** Exercise goal **
Look through the material below. Copy every line with the string "linetype" in it.

* * * * *

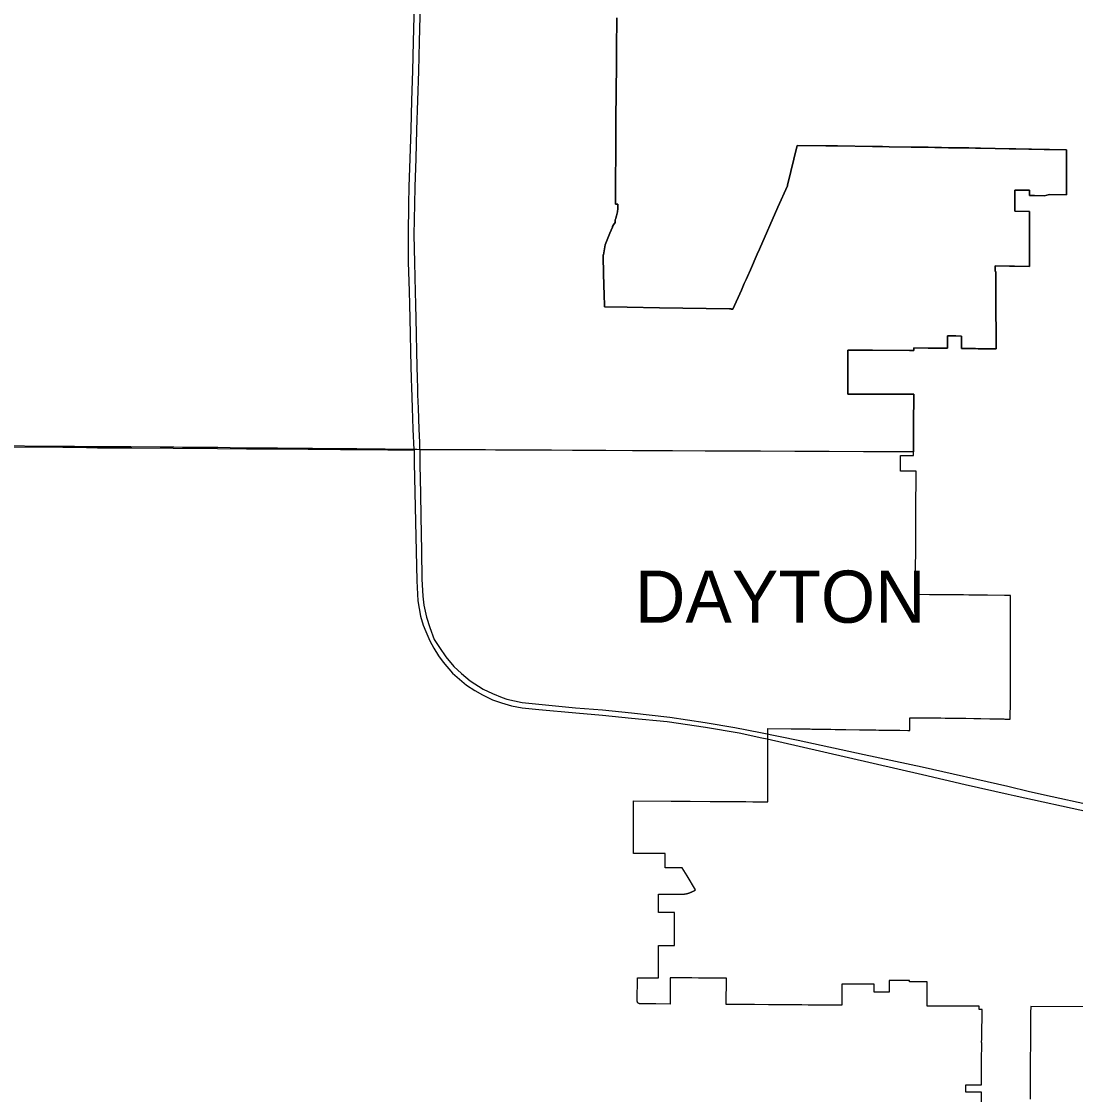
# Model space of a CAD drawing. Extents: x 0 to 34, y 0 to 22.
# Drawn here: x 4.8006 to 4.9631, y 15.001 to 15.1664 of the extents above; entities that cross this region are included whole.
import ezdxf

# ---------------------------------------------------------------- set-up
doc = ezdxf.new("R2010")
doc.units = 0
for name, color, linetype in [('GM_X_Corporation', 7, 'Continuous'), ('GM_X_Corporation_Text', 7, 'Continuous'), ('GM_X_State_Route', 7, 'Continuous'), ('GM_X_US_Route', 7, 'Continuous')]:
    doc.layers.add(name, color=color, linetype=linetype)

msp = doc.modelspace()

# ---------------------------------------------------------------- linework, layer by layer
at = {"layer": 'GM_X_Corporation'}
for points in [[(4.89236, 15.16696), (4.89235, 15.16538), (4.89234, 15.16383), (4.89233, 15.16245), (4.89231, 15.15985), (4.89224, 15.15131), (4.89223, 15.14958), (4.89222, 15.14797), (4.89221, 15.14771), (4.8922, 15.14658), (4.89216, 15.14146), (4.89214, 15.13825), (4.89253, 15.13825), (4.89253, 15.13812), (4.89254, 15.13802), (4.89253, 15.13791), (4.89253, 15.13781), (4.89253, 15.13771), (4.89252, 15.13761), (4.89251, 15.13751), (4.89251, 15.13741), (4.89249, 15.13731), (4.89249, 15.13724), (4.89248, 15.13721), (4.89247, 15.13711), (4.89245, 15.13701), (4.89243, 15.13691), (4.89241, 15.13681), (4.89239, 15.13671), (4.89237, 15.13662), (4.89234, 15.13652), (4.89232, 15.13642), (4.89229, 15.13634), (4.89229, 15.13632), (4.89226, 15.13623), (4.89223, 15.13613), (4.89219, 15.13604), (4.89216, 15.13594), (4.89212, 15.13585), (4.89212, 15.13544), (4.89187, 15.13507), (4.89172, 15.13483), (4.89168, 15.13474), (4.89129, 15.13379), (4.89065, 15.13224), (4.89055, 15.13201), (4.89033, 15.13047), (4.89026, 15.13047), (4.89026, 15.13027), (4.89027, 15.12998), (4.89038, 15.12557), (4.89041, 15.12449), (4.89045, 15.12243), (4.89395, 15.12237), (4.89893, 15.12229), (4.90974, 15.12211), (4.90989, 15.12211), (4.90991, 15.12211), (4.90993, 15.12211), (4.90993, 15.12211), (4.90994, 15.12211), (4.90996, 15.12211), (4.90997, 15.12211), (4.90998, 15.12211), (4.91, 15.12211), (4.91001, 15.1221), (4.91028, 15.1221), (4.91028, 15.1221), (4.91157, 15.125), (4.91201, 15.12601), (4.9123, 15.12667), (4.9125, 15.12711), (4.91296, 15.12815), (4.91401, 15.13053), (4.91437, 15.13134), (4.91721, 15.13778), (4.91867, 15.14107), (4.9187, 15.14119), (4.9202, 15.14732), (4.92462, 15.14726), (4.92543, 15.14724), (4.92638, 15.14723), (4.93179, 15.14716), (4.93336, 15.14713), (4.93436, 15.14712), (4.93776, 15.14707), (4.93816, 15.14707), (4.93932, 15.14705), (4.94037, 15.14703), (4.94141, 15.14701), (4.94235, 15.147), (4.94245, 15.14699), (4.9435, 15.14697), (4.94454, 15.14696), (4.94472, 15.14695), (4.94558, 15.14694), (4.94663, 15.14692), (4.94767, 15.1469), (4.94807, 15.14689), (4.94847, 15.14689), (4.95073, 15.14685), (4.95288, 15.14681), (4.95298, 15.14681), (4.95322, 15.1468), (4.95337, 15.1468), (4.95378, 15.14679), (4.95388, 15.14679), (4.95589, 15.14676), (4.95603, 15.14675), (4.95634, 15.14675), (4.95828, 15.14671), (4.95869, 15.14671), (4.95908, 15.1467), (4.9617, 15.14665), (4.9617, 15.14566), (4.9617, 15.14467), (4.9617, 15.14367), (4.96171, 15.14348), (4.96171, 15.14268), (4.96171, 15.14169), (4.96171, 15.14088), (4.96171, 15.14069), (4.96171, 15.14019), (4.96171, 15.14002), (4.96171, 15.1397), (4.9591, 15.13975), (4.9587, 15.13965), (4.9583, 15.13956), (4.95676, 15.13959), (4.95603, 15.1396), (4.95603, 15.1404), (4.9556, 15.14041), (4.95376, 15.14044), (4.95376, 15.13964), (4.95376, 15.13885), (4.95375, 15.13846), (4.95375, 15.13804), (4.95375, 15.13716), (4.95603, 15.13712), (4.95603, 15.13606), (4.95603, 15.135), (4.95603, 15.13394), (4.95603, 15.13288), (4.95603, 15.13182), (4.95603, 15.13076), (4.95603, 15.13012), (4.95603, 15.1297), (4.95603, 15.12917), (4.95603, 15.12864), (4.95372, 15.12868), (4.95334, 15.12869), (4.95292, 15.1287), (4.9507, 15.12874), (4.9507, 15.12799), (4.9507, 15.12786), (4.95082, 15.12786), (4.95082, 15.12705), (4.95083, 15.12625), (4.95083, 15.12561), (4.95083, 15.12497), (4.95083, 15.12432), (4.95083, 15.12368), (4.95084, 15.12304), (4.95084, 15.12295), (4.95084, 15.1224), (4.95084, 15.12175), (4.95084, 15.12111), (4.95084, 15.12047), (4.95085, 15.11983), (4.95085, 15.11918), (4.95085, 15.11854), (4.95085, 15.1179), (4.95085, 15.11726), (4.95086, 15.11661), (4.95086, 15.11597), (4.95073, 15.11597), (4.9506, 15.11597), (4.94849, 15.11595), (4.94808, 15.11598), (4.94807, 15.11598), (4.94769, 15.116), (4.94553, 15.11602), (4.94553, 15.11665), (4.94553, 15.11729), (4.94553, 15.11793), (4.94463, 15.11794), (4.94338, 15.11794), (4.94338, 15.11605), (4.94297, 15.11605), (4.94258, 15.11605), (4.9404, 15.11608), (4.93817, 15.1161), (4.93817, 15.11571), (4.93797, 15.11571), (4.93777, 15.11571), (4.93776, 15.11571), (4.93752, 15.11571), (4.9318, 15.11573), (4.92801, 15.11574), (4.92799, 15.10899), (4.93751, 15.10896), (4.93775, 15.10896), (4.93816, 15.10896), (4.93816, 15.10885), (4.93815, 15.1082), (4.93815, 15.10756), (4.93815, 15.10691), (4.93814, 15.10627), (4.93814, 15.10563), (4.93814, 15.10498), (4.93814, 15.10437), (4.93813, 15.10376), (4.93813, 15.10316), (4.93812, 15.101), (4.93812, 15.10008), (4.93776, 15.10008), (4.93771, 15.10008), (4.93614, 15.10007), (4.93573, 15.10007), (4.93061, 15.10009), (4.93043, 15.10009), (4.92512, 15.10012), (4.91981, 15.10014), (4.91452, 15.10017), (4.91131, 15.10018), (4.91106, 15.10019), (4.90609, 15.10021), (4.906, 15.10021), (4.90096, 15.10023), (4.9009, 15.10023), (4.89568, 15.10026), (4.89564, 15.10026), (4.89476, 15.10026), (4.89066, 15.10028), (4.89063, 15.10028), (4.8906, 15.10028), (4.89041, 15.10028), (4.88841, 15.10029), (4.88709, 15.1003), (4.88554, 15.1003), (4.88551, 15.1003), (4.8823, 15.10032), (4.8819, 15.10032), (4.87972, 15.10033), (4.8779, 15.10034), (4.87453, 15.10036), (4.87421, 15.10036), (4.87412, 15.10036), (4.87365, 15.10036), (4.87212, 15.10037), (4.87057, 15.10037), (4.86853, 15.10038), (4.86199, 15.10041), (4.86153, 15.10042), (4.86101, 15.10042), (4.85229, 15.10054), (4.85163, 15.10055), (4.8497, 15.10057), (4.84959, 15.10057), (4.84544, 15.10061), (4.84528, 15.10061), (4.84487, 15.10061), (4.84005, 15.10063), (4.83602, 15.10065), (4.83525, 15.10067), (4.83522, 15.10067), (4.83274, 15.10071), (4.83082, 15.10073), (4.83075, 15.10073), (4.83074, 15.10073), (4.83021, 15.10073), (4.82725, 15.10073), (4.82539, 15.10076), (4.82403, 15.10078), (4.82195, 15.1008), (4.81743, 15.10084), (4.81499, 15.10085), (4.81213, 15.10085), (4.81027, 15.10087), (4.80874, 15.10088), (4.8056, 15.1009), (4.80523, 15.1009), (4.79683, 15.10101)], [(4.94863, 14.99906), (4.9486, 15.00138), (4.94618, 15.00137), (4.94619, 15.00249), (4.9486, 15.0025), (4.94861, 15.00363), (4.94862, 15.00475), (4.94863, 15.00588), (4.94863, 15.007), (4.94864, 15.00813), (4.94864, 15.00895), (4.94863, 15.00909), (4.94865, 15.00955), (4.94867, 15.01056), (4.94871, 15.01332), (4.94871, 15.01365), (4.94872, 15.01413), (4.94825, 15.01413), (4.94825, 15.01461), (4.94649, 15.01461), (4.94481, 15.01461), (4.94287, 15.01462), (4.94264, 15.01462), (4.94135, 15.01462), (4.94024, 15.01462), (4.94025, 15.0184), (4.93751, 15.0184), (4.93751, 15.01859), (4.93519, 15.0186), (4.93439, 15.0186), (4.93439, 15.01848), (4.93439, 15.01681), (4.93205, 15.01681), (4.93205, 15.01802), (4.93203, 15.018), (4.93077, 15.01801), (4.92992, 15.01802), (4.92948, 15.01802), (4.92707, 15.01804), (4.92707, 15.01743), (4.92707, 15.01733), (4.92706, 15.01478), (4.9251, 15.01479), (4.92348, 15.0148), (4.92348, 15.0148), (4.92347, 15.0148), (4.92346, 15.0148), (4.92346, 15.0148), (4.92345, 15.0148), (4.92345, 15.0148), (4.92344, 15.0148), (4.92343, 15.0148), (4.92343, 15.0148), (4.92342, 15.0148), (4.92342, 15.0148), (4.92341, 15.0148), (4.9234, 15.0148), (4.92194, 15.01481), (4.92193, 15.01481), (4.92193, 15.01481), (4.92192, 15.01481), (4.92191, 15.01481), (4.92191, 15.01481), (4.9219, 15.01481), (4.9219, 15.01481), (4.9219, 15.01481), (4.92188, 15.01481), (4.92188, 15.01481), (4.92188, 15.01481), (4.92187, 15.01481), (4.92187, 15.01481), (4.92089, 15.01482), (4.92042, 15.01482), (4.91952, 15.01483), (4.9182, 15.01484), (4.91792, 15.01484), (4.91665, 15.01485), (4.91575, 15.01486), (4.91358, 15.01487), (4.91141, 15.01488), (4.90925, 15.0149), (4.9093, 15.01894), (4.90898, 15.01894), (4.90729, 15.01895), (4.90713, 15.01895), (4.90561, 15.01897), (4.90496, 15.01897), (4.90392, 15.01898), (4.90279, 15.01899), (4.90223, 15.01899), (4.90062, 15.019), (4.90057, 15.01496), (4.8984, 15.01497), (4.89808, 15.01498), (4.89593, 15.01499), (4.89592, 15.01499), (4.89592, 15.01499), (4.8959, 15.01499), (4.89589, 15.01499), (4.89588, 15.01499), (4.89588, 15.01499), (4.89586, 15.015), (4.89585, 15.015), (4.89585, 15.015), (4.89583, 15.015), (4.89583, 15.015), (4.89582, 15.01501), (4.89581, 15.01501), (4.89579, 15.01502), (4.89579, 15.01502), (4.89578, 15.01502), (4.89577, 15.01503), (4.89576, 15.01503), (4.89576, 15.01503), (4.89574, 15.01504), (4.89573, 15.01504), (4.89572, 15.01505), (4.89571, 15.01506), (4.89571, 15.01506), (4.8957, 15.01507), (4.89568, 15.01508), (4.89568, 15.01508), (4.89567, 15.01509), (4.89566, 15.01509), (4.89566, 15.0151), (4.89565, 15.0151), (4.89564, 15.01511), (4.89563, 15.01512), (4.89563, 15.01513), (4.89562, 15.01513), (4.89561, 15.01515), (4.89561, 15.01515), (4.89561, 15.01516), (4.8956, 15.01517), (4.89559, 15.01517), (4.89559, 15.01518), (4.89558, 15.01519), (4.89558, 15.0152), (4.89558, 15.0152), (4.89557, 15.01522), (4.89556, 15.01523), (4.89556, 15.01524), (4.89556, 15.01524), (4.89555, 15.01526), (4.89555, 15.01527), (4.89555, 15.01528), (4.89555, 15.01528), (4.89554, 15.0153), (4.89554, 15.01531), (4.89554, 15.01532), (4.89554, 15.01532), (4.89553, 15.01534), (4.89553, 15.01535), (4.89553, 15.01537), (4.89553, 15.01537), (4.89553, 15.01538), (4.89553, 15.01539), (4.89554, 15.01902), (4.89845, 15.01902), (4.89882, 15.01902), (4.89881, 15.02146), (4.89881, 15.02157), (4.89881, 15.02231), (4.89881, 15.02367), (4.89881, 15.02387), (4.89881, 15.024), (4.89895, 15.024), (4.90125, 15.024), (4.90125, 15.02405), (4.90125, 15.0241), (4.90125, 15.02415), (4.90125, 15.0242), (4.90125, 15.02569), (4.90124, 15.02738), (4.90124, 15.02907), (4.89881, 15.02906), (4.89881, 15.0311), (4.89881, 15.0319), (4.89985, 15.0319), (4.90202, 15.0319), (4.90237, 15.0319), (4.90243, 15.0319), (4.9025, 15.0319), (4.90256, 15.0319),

* * * * *

** Result of the task **
for name, color, linetype in [('GM_X_Corporation', 7, 'Continuous'), ('GM_X_Corporation_Text', 7, 'Continuous'), ('GM_X_State_Route', 7, 'Continuous'), ('GM_X_US_Route', 7, 'Continuous')]:
    doc.layers.add(name, color=color, linetype=linetype)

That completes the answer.